Maddiyat, düşünceleri frenliyor
Abone olAB'ye ideolojik olarak karşı olanlar, maddi konularda AB'ye muhtaç bir görünüm sergiliyorlar. AB karşıtları, bu durumu "Mecburiyet"e bağlayarak açıklıyorlar
İdeolojik açıdan AB’ye soğuk bakan ulusalcılar, maddî konularda
Avrupa’ya uzak durmuyor. Geliştirilen projelerle AB fonlarından
binlerce Euro alan küreselleşme karşıtları, ‘etik değil’
eleştirilerine ‘mecburuz’ cevabını veriyor. Avrupa Birliği,
Türkiye’nin modernleşme projelerinin başında geliyor. Hükümetler,
yıllardır başta ekonomi olmak üzere üyeliğin getireceği faydalara
dikkat çekiyor. Ülkelerin kaderini belirleyen bu tür projelerin en
büyük dezavantajını ise toplumun bölünme riski oluşturuyor.
Türkiye’nin önemli bir çoğunluğu AB üyeliğini desteklerken, karşıt
görüştekiler de eylemleriyle katılımı engellemeye çalışıyor. Bu
gruptakiler kendilerini küreselleşme karşıtı veya son yıllarda
gündeme geldiği şekliyle ‘ulusalcı’ diye tarif ediyor. 3 Ekim’de
müzakerelere başlayacak olan Türkiye, istikametiyle ilgili
tartışmaları bitirmesine rağmen ulusalcıların mücadelesi artarak
devam ediyor. Tartışmaların odağında üyeliğin siyasi boyutu yer
alıyor ve Avrupa’nın istediği şartların yerine getirilip
getirilmeyeceği konuşuluyor. Avrupa Birliği’nin fonlarla sağladığı
avantajlar neredeyse hiç tartışılmıyor. Üyeliği destekleyenler de,
karşıt görüştekiler de AB fonlarından uzak durmuyor. Sivil toplum
kuruluşları, araştırma merkezleri, yükseköğretim kurumları
geliştirdikleri projeler için AB’nin tanıdığı karşılıksız maddi
destek imkanından yararlanıyor. Bunlar arasında AB’ye soğuk
bakanlar bile var. Ulusalcı kimliğiyle ön plana çıkan ve
yöneticileri arasında AB karşıtı söylemleriyle tanınan emekli
paşaların bulunduğu Çağdaş Eğitim Vakfı (ÇEV), bu yıl ‘Aktif İşgücü
Piyasası Programı’ çerçevesinde fondan yararlanmayı başardı.

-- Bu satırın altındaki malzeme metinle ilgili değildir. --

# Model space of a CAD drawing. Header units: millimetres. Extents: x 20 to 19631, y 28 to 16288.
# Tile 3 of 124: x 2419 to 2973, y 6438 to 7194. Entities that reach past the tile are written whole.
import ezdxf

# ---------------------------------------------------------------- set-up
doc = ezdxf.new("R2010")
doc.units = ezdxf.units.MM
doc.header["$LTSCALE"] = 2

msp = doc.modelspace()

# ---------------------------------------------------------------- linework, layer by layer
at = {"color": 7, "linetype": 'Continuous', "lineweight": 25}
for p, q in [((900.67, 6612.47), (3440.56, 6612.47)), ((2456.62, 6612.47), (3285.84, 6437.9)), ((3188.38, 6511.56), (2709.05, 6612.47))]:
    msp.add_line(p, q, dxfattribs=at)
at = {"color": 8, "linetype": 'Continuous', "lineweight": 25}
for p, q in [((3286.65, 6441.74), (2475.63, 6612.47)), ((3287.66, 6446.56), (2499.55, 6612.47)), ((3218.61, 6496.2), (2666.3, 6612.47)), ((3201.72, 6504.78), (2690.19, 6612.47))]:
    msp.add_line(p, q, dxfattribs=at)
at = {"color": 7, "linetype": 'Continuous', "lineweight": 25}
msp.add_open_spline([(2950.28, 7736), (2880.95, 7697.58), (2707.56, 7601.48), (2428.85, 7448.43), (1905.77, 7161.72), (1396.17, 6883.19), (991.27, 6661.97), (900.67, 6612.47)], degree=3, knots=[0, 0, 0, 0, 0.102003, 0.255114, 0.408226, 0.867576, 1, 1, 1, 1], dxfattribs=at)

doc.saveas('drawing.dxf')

‘Beyoğlu Mozaik ve Çini Çarşısı’ projesi ile 151 bin 335 Euro, ‘Bir
Kucak Sevgi’ projesi ile de 95 bin 808 Euro aldı. Antalya şubesi de
‘İş’te Biz de Varız İstihdama Katkı Projesi’ ile AB’den 126 bin 963
Euro fon sağladı. Çağdaş Yaşamı Destekleme Derneği (ÇYDD), AB’den
50 bin Euro aldığı proje kapsamında Şişli, Beyoğlu, Kağıthane ve
Büyükçekmece’deki 400 kahvehanede insan hakları eğitimi veriyor.
Proje, Ekim 2004’te başladı. ÇYDD son olarak ‘Çağdaş Lise Mezunu
Kızları Meslek Edindirme ve Üretime Katma Projesi’ ile AB’den 122
bin 397 Euro temin etti. 15 Temmuz 2004’te kabul edilen ve 8 ay
süreli projeye göre, 100 kız öğrenci meslek edindirme kurslarından
geçirilecek. Derneğin Ankara Şubesi'nin yürüttüğü ‘Ümitköy'den
Sincanlı Kadınlara Çağdaş Yaşam İçin Eğitim Projesi' 34 bin Euro
destek bulurken, Zonguldak Şubesi, ‘Çocuk Bakıcılığı Eğitim
Projesi' ile 34 bin 713 Euro almaya hak kazandı. Çağdaş Yaşamı
Destekleme Derneği (ÇYDD), son dönemde Avrupa Birliği’ne (AB) yoğun
destek veriyor. Ancak dernek içerisinde bir grup üye, Başkan Türkan
Saylan’ın bu tutumundan rahatsız. ‘Ulusalcı çizgi’ye geri
dönülmesini isteyen AB karşıtı söz konusu grup, bu taleplerini
Yeniden Müdafai Hukuk gibi dergilerde sert bir şekilde dile
getiriyor. NATO’nun İstanbul zirvesinde küreselleşme karşıtı
eylemleriyle dikkat çeken sivil toplum kuruluşları da Avrupa
Birliği’nin maddi avantajlarından yararlanıyor. İstanbul Toplumsal
Ekoloji Platformu (İTEP), şiddete uğrayan kadınlara destek amacıyla
hazırladığı ‘Dayanışma Ağı Projesi’ ile AB’den 40 bin Euro’luk
destek aldı. Pir Sultan Abdal Kültür Derneği de Alevi vatandaşlarla
ilgili proje geliştirdi. Derneğin 37 şubesi arasındaki ağın
genişletilmesini hedefleyen proje için AB fonlarından alınan para
56 bin Euro. Türkiye Devrimci Maden Arama ve İşletme İşçileri
Sendikası (Dev-Maden-Sen), ‘Tavşanlı İlçesindeki Madencilik
Faaliyetleri Sonucu İşsiz Kalan Kesimlerin Yeniden İstihdamı’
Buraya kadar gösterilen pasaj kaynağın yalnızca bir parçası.